● **STORED DATA**:
= = = = =

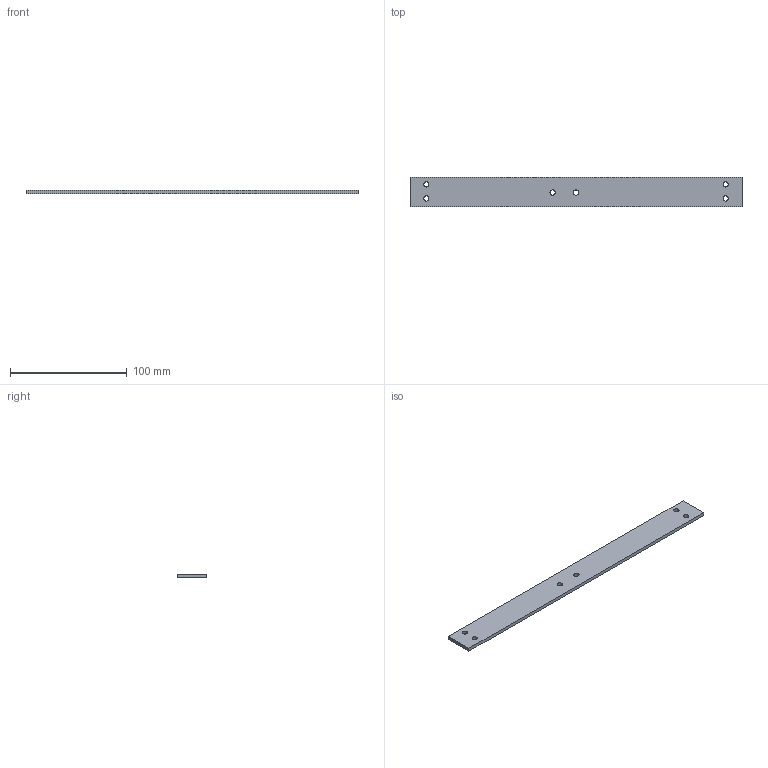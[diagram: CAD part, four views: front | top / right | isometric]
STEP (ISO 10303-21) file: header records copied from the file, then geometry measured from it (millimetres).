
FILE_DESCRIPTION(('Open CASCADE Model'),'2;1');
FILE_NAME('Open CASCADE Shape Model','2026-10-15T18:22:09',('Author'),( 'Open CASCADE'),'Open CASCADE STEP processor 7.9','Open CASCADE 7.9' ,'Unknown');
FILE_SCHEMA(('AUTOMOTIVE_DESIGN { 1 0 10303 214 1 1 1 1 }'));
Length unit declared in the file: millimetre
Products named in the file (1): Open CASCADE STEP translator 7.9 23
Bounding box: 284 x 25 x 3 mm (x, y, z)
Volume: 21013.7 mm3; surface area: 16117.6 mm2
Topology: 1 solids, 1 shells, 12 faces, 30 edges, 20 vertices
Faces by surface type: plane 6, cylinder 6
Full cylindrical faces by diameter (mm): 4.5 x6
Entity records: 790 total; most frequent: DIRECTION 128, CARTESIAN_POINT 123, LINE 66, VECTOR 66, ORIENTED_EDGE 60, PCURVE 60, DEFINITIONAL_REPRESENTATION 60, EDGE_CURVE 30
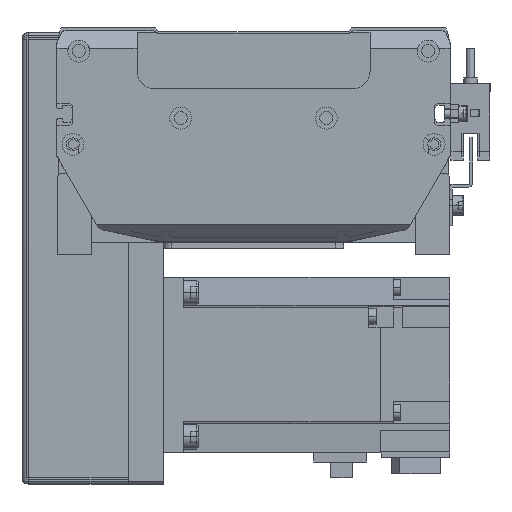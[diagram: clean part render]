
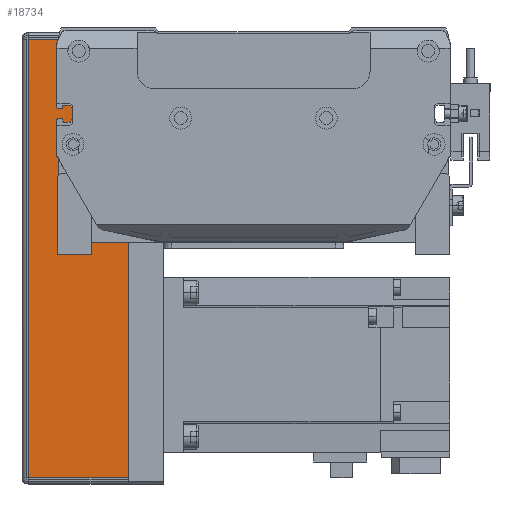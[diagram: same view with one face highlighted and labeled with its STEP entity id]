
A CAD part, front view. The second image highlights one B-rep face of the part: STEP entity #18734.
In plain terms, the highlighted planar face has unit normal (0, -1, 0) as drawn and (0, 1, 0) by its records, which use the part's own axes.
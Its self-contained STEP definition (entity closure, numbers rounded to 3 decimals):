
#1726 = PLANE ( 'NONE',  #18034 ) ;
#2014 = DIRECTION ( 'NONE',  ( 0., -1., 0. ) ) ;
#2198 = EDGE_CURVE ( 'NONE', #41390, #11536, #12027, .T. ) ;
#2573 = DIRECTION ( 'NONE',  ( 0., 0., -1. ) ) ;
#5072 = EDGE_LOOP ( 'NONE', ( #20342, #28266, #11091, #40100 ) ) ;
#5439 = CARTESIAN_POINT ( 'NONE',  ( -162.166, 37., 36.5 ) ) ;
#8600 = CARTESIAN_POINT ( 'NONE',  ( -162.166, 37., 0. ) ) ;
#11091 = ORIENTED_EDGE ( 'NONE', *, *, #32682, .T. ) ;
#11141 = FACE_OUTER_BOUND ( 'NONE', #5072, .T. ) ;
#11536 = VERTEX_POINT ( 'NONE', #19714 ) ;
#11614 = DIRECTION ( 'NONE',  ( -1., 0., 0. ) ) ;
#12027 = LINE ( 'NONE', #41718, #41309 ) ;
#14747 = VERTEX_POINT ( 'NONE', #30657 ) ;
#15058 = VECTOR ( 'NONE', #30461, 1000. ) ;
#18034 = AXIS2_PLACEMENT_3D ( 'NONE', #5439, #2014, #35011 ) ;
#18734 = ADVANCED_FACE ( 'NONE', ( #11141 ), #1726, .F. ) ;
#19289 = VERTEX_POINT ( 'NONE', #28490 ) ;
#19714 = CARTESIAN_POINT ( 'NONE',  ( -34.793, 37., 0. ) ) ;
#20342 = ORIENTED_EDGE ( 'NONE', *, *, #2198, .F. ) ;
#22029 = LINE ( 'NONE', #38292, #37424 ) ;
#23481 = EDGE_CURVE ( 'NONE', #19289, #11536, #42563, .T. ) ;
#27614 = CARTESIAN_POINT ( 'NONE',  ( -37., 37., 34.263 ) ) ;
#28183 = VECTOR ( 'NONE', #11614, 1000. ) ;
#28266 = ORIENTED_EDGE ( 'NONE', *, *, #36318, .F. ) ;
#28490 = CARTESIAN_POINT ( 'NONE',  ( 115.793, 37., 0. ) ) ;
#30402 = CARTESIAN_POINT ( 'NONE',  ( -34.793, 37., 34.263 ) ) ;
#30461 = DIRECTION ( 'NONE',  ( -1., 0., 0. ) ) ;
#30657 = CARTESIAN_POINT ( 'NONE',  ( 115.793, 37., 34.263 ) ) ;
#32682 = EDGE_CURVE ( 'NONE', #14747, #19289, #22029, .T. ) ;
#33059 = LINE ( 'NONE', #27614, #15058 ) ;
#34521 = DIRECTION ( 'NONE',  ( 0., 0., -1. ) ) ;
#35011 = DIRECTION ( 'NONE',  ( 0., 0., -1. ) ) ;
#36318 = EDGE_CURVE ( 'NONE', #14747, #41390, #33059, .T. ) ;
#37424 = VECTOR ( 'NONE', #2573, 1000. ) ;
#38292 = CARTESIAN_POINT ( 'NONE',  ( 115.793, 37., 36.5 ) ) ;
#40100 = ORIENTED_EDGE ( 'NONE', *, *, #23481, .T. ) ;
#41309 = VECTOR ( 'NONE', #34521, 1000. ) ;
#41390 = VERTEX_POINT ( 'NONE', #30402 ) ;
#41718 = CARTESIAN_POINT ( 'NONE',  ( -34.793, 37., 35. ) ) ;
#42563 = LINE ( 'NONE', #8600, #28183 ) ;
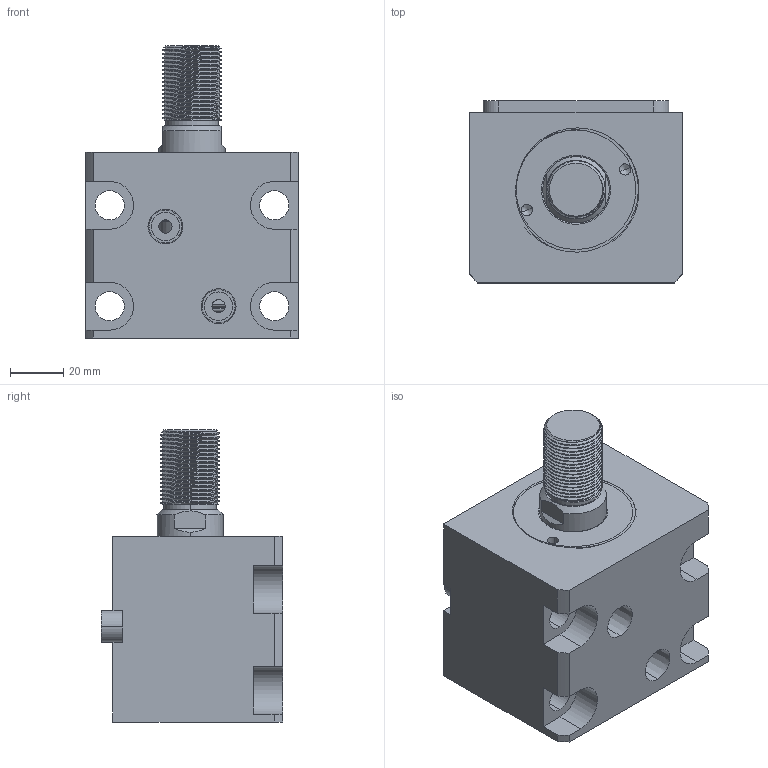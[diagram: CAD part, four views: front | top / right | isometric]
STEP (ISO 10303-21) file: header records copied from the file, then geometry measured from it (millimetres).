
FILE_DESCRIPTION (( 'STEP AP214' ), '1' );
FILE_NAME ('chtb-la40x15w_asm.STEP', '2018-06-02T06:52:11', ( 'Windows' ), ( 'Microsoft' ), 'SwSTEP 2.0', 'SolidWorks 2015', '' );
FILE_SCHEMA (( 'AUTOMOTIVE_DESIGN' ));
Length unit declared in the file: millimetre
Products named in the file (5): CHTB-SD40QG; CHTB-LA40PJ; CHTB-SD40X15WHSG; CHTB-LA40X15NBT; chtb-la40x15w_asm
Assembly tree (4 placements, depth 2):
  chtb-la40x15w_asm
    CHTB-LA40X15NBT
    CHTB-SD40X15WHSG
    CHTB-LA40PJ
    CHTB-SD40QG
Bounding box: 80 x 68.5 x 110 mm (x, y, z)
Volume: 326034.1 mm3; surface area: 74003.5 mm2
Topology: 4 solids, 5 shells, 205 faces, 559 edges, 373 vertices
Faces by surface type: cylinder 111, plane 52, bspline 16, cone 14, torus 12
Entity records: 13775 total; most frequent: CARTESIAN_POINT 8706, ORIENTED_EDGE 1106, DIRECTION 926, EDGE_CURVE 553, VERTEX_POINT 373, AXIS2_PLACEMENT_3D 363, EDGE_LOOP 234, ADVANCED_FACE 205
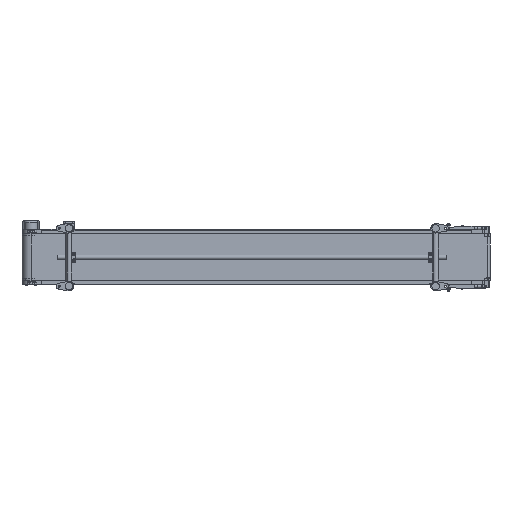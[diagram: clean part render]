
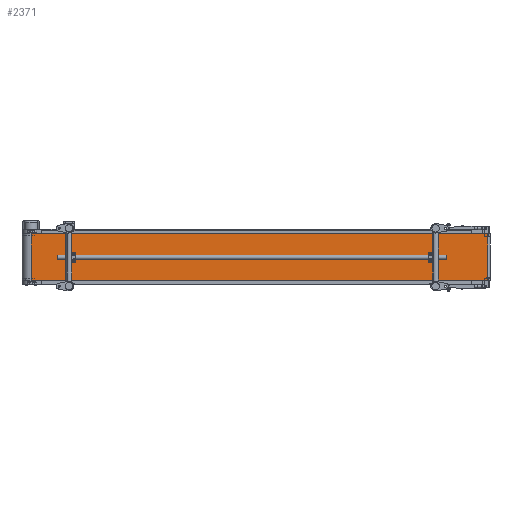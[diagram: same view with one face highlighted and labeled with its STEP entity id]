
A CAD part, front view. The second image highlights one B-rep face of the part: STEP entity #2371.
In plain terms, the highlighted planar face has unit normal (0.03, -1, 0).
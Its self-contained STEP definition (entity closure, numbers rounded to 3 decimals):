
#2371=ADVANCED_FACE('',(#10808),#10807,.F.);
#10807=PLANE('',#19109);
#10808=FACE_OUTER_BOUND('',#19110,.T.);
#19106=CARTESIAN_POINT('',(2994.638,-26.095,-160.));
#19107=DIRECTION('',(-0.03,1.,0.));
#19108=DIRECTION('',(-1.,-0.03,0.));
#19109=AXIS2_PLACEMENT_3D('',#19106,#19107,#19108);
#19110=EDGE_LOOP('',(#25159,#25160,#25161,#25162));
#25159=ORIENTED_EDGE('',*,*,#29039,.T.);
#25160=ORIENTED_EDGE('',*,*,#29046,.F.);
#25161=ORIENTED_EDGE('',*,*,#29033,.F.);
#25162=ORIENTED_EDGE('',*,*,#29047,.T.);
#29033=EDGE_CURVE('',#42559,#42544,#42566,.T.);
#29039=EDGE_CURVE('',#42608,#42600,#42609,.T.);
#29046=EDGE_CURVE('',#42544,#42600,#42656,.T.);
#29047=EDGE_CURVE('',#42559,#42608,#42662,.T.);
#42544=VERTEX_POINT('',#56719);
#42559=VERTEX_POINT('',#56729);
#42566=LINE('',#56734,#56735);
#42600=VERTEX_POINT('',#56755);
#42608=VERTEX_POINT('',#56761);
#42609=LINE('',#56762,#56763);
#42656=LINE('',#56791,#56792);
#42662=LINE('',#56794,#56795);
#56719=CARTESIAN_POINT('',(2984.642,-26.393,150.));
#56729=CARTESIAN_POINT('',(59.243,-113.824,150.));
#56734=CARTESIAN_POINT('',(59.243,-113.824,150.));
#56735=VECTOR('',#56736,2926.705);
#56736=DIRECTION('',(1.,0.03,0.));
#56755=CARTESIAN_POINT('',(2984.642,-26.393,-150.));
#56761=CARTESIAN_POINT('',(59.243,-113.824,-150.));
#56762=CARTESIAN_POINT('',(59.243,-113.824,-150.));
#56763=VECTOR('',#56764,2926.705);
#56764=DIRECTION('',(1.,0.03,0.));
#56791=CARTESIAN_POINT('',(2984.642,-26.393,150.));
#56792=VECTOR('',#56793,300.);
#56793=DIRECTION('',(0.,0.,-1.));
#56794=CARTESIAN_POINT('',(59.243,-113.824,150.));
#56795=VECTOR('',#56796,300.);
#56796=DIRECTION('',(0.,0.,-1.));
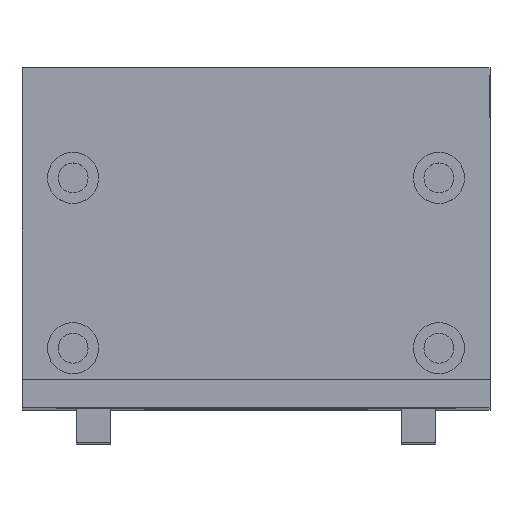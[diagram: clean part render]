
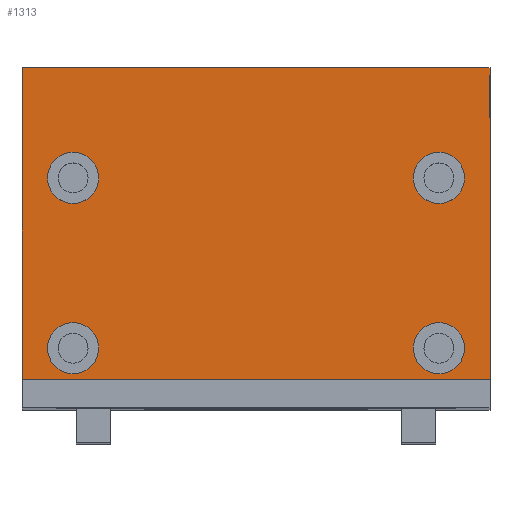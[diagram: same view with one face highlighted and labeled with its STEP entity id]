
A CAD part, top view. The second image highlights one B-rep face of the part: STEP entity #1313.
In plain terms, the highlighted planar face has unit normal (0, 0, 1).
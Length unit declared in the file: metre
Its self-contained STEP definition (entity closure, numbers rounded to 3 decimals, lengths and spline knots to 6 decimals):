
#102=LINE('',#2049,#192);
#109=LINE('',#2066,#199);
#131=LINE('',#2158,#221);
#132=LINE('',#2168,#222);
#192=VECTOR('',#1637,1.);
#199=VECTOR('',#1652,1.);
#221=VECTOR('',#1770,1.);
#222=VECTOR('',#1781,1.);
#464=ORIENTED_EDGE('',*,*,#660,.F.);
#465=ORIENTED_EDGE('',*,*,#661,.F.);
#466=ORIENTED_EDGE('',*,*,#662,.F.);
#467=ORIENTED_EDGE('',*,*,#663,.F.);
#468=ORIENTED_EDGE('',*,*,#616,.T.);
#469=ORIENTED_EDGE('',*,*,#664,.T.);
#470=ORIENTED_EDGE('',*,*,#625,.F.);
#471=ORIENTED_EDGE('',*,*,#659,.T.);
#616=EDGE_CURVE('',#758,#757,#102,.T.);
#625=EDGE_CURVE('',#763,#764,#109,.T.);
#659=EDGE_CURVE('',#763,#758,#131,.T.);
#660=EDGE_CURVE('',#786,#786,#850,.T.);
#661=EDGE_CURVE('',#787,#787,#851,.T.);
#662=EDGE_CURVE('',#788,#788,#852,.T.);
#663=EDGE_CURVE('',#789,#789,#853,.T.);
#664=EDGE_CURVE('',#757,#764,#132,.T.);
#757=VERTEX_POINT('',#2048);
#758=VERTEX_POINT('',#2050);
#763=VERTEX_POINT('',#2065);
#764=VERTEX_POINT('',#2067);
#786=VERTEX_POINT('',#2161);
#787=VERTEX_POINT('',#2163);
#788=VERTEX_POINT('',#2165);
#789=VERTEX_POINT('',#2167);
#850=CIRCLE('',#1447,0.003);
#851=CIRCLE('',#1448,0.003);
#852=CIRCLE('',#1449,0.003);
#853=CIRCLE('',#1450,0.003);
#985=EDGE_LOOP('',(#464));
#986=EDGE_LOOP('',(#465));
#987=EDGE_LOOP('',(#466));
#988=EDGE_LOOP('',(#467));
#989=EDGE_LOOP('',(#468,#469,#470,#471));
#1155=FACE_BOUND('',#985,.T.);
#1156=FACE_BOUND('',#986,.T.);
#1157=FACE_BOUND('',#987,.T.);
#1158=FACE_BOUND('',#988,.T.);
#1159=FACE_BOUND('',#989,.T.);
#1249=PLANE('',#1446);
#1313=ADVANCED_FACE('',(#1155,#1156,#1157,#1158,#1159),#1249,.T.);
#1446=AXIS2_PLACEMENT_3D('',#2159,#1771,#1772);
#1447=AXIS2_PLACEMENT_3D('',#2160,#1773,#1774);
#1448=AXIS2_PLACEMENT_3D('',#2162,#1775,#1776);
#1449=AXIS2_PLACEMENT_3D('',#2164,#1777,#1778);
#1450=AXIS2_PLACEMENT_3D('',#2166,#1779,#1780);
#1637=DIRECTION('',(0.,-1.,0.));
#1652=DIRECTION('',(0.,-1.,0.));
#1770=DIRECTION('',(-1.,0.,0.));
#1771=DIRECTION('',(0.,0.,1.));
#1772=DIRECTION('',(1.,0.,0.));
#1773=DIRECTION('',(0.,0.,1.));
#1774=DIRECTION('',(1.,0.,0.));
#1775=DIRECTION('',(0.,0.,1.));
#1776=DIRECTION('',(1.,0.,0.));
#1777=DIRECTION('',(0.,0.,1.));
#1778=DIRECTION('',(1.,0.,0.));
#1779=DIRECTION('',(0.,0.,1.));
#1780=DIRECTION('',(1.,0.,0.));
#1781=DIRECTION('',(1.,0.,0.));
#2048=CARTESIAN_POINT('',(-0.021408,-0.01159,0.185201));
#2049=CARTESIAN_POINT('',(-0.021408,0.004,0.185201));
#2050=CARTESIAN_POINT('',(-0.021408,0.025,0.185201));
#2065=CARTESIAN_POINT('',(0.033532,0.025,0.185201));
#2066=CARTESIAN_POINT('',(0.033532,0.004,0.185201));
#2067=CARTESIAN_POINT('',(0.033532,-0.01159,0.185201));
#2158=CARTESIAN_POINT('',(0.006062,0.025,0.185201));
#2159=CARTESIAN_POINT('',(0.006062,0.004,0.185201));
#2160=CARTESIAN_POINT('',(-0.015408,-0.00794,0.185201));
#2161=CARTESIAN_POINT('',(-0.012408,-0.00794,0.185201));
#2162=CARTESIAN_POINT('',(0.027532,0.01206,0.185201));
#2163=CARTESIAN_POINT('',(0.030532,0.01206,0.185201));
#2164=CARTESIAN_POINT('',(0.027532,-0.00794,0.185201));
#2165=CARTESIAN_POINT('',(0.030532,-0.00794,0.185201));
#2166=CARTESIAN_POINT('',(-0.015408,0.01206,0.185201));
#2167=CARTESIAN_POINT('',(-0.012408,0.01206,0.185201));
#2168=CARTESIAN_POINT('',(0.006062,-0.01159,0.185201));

= = = = =

● **WHAT YOU NEED TO DO**:
All lines above from the line with "#30657 = CARTESIAN_POINT" through the line with "#38292 = CARTESIAN_POINT", both included, are to be set down exactly, with nothing else.

● **RESPONSE BOX**:
#30657 = CARTESIAN_POINT ( 'NONE',  ( 115.793, 37., 34.263 ) ) ;
#32682 = EDGE_CURVE ( 'NONE', #14747, #19289, #22029, .T. ) ;
#33059 = LINE ( 'NONE', #27614, #15058 ) ;
#34521 = DIRECTION ( 'NONE',  ( 0., 0., -1. ) ) ;
#35011 = DIRECTION ( 'NONE',  ( 0., 0., -1. ) ) ;
#36318 = EDGE_CURVE ( 'NONE', #14747, #41390, #33059, .T. ) ;
#37424 = VECTOR ( 'NONE', #2573, 1000. ) ;
#38292 = CARTESIAN_POINT ( 'NONE',  ( 115.793, 37., 36.5 ) ) ;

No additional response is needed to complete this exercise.